Your answer should be the lines below from the one holding "#315 = CARTESIAN_POINT" through the one holding "#459 = DIRECTION", copied exactly and with nothing else.

AVAILABLE RECORDS section start

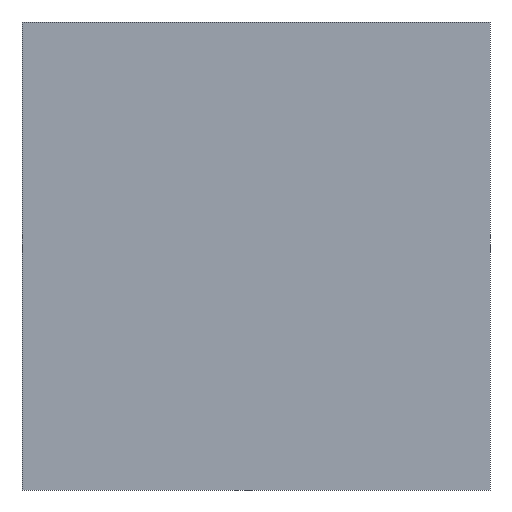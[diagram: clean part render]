
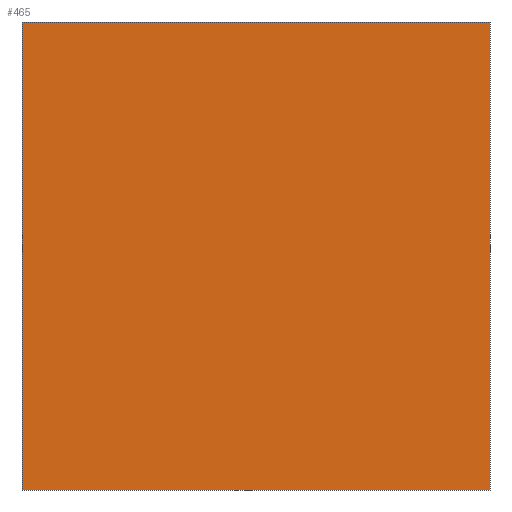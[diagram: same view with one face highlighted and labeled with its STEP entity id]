
A CAD part, front view. The second image highlights one B-rep face of the part: STEP entity #465.
In plain terms, the highlighted planar face has unit normal (0, -1, 0).
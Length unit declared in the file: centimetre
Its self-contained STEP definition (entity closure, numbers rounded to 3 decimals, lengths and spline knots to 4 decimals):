
#5 = EDGE_LOOP ( 'NONE', ( #500, #210, #75, #136 ) ) ;
#15 = LINE ( 'NONE', #428, #447 ) ;
#17 = CARTESIAN_POINT ( 'NONE',  ( 0., 0., 0. ) ) ;
#20 = CARTESIAN_POINT ( 'NONE',  ( 1000., 0., 0. ) ) ;
#28 = DIRECTION ( 'NONE',  ( 0., 0., 1. ) ) ;
#53 = VECTOR ( 'NONE', #65, 100. ) ;
#65 = DIRECTION ( 'NONE',  ( 0., 0., -1. ) ) ;
#75 = ORIENTED_EDGE ( 'NONE', *, *, #318, .F. ) ;
#79 = VERTEX_POINT ( 'NONE', #464 ) ;
#108 = CARTESIAN_POINT ( 'NONE',  ( 0., 0., 0. ) ) ;
#136 = ORIENTED_EDGE ( 'NONE', *, *, #440, .T. ) ;
#144 = LINE ( 'NONE', #298, #53 ) ;
#147 = FACE_OUTER_BOUND ( 'NONE', #5, .T. ) ;
#210 = ORIENTED_EDGE ( 'NONE', *, *, #491, .F. ) ;
#249 = AXIS2_PLACEMENT_3D ( 'NONE', #437, #340, #28 ) ;
#254 = VERTEX_POINT ( 'NONE', #315 ) ;
#290 = DIRECTION ( 'NONE',  ( 1., 0., 0. ) ) ;
#298 = CARTESIAN_POINT ( 'NONE',  ( 1000., 0., 1000. ) ) ;
#312 = VECTOR ( 'NONE', #290, 100. ) ;
#315 = CARTESIAN_POINT ( 'NONE',  ( 1000., 0., 1000. ) ) ;
#318 = EDGE_CURVE ( 'NONE', #79, #254, #430, .T. ) ;
#323 = CARTESIAN_POINT ( 'NONE',  ( 0., 0., 1000. ) ) ;
#340 = DIRECTION ( 'NONE',  ( 0., 1., 0. ) ) ;
#394 = PLANE ( 'NONE',  #249 ) ;
#398 = VERTEX_POINT ( 'NONE', #20 ) ;
#428 = CARTESIAN_POINT ( 'NONE',  ( 0., 0., 1000. ) ) ;
#430 = LINE ( 'NONE', #323, #454 ) ;
#437 = CARTESIAN_POINT ( 'NONE',  ( 0., 0., 1000. ) ) ;
#440 = EDGE_CURVE ( 'NONE', #79, #450, #15, .T. ) ;
#447 = VECTOR ( 'NONE', #459, 100. ) ;
#450 = VERTEX_POINT ( 'NONE', #17 ) ;
#454 = VECTOR ( 'NONE', #482, 100. ) ;
#459 = DIRECTION ( 'NONE',  ( 0., 0., -1. ) ) ;
#461 = LINE ( 'NONE', #108, #312 ) ;
#464 = CARTESIAN_POINT ( 'NONE',  ( 0., 0., 1000. ) ) ;
#465 = ADVANCED_FACE ( 'NONE', ( #147 ), #394, .F. ) ;
#482 = DIRECTION ( 'NONE',  ( 1., 0., 0. ) ) ;
#491 = EDGE_CURVE ( 'NONE', #254, #398, #144, .T. ) ;
#498 = EDGE_CURVE ( 'NONE', #450, #398, #461, .T. ) ;
#500 = ORIENTED_EDGE ( 'NONE', *, *, #498, .T. ) ;

AVAILABLE RECORDS section end

**REPLY:**
#315 = CARTESIAN_POINT ( 'NONE',  ( 1000., 0., 1000. ) ) ;
#318 = EDGE_CURVE ( 'NONE', #79, #254, #430, .T. ) ;
#323 = CARTESIAN_POINT ( 'NONE',  ( 0., 0., 1000. ) ) ;
#340 = DIRECTION ( 'NONE',  ( 0., 1., 0. ) ) ;
#394 = PLANE ( 'NONE',  #249 ) ;
#398 = VERTEX_POINT ( 'NONE', #20 ) ;
#428 = CARTESIAN_POINT ( 'NONE',  ( 0., 0., 1000. ) ) ;
#430 = LINE ( 'NONE', #323, #454 ) ;
#437 = CARTESIAN_POINT ( 'NONE',  ( 0., 0., 1000. ) ) ;
#440 = EDGE_CURVE ( 'NONE', #79, #450, #15, .T. ) ;
#447 = VECTOR ( 'NONE', #459, 100. ) ;
#450 = VERTEX_POINT ( 'NONE', #17 ) ;
#454 = VECTOR ( 'NONE', #482, 100. ) ;
#459 = DIRECTION ( 'NONE',  ( 0., 0., -1. ) ) ;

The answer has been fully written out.